I learned today from a tech who works with primates in a research lab that certain monkeys produce grey semen that dries into a solid mass minutes after it is ejaculated. He said that this is an adaptation that improves the odds of a male passing his seed along to a female, who may be mating with several different males on a given day, by blocking the path to the fallopian tubes for subsequent ejaculate ("closing the door," as it were). This tech said he knows this first hand because monkeys enjoy masturbating and he often finds little grey blobs on the floors of their cages.

Sunday, November 26, 2006

I remember heading gleefully


down the slippery slope of labor intensive gardening. The second year at the farm I decided I was going to start seeds indoors in February so I could get my tomatoes, peppers, etc. producing early. So I set flats up in our attic on big sheets of plywood propped up by saw horses (god I miss those saw horses!), beneath fluorescent lights I strung from the ceiling so that they hung 18 inches above the "potting soil," which was actually loam from our compost pile that I had taken to work and sterilized by autoclaving (pretty extreme DIY, huh?) The highlight of my day for a while was coming home from work to check on the progress of my little seedlings and giving them a gentle misting. I even went so far as to brush them with my hand a couple times a day once they started reaching up toward the light because I had read somewhere that giving seedlings physical stimuli resulted in more robust growth. In the end we
had so many little tomato plants that we ran out of people to give them away to.
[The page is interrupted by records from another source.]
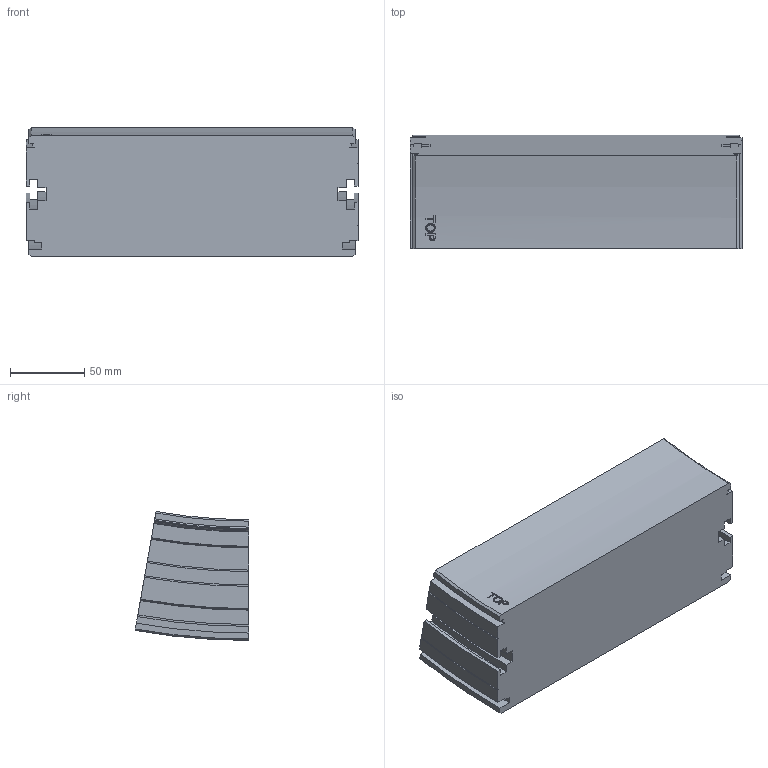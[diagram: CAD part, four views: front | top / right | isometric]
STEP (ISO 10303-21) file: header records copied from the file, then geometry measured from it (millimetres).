
FILE_DESCRIPTION(/* description */ ('VERTIKALKURVA S220 R400'),/* implementation_level */ '2;1');
FILE_NAME(/* name */ '\\carryline.intra\privat\users\mathias\Desktop\Tillfälliga filer\220-5645+220-2000-UPP-01.stp',/* time_stamp */ '2018-11-29T13:32:10+01:00',/* author */ ('MD'),/* organization */ ('CARRYLINE'),/* preprocessor_version */ 'ST-DEVELOPER v17',/* originating_system */ 'Autodesk Inventor 2018',/* authorisation */ '');
FILE_SCHEMA (('AUTOMOTIVE_DESIGN { 1 0 10303 214 3 1 1 }'));
Length unit declared in the file: millimetre
Products named in the file (1): 220-5645+220-2000-UPP-01
Bounding box: 224 x 76.75 x 86.98 mm (x, y, z)
Volume: 1238842.4 mm3; surface area: 88228 mm2
Topology: 1 solids, 1 shells, 113 faces, 318 edges, 212 vertices
Faces by surface type: plane 48, cylinder 31, bspline 14, cone 14, torus 6
Entity records: 8361 total; most frequent: CARTESIAN_POINT 5393, ORIENTED_EDGE 636, DIRECTION 576, EDGE_CURVE 318, VERTEX_POINT 212, AXIS2_PLACEMENT_3D 199, LINE 178, VECTOR 178
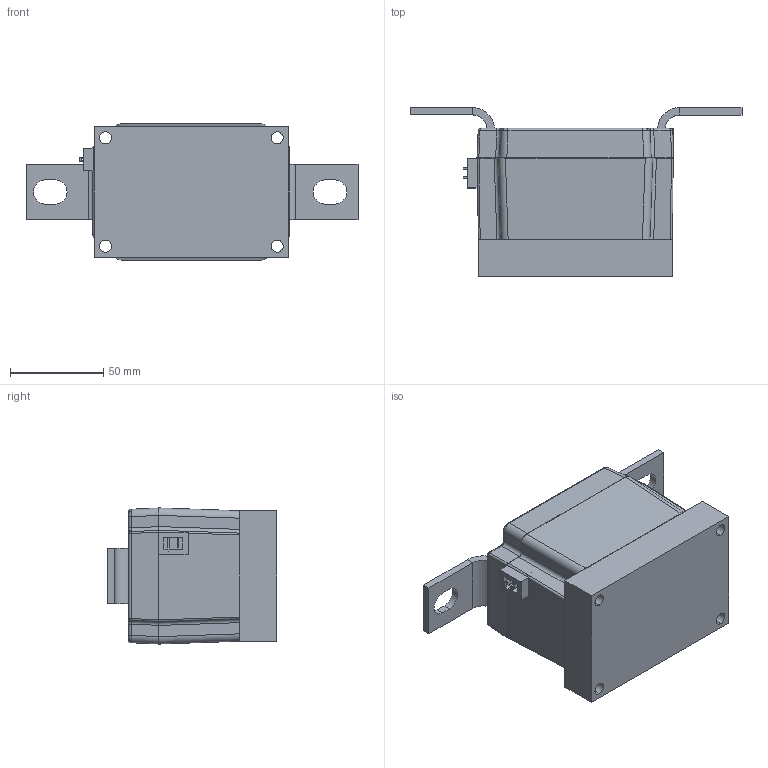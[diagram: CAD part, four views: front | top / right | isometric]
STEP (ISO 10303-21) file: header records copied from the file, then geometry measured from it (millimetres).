
FILE_DESCRIPTION (( 'STEP AP214' ), '1' );
FILE_NAME ('MTD6-T.STEP', '2021-02-08T06:31:45', ( '' ), ( '' ), 'SwSTEP 2.0', 'SolidWorks 2018', '' );
FILE_SCHEMA (( 'AUTOMOTIVE_DESIGN' ));
Length unit declared in the file: millimetre
Products named in the file (1): MTD6-T
Bounding box: 177.96 x 90.62 x 73 mm (x, y, z)
Volume: 253741.7 mm3; surface area: 103068.5 mm2
Topology: 8 solids, 8 shells, 437 faces, 1184 edges, 765 vertices
Faces by surface type: plane 300, cylinder 95, bspline 36, cone 6
Entity records: 19566 total; most frequent: CARTESIAN_POINT 4175, ORIENTED_EDGE 2360, DIRECTION 1908, EDGE_CURVE 1180, LINE 880, VECTOR 880, VERTEX_POINT 765, AXIS2_PLACEMENT_3D 514

Saturday, November 25, 2006

more giant punkins!


At a recent Pumpkin festival they were selling seeds to grow giant pumpkins. The seeds cost $2.00 a piece. They come in a tiny plastic bag, with a pedigree (my seed came from a 712 lb pumpkin belonging to one Aaron Wray.) I thought the price of one seed was bad, until I read the instructions that came with it, which include requirements for extensive soil additives, peat moss, plant fertilizers with non-standard N-P-K ratios, a warming tray, a mini greenhouse, and finally a 6' by 6' shelter with sloped roof for your pumpkin. Yes, you have to build a little house for your pumpkin. Once the pumpkins start to develop, you're supposed to pick the best looking one, and prune the rest, pinning all your hopes on that guy. However, giant pumpkins frequently explode, so all your hard work may be for naught. What are the physics behind exploding giant pumpkins? Internal fermentaion? I don't think it's a build up of gases. A potential champion pumpkin in log phase can put on 15 -30 lbs a day, and I guess if they grow unevenly, turgor forces build up in their guts and any thin or weak wall sections may be compromised. Good pumpkin quote from a giant pumpkin ace: "If you're not splitting them, you're not trying hard enough. You're not pushing them enough. If you're not blowing some up, you're not doing it right. They'll never be big."
Yes, but are exquisitely nurtured hothouse pumpkins are more likely to warrant a visit from the Great Pumpkin? Has anyone ever been injured in an exploding pumpkin mishap?

re: the multi-person blog


the blog question: is it better to demand give-and-take, withholding blog until someone else gives it up, not unlike a resentful lover? or should one blog unconditionally, not caring whether the act is returned in kind, simply as a declaration of one's truth? should one make it a a habit, diary-like, to blog once a day out of a sense of
discpline? or should one blog only when one has something significant to relate?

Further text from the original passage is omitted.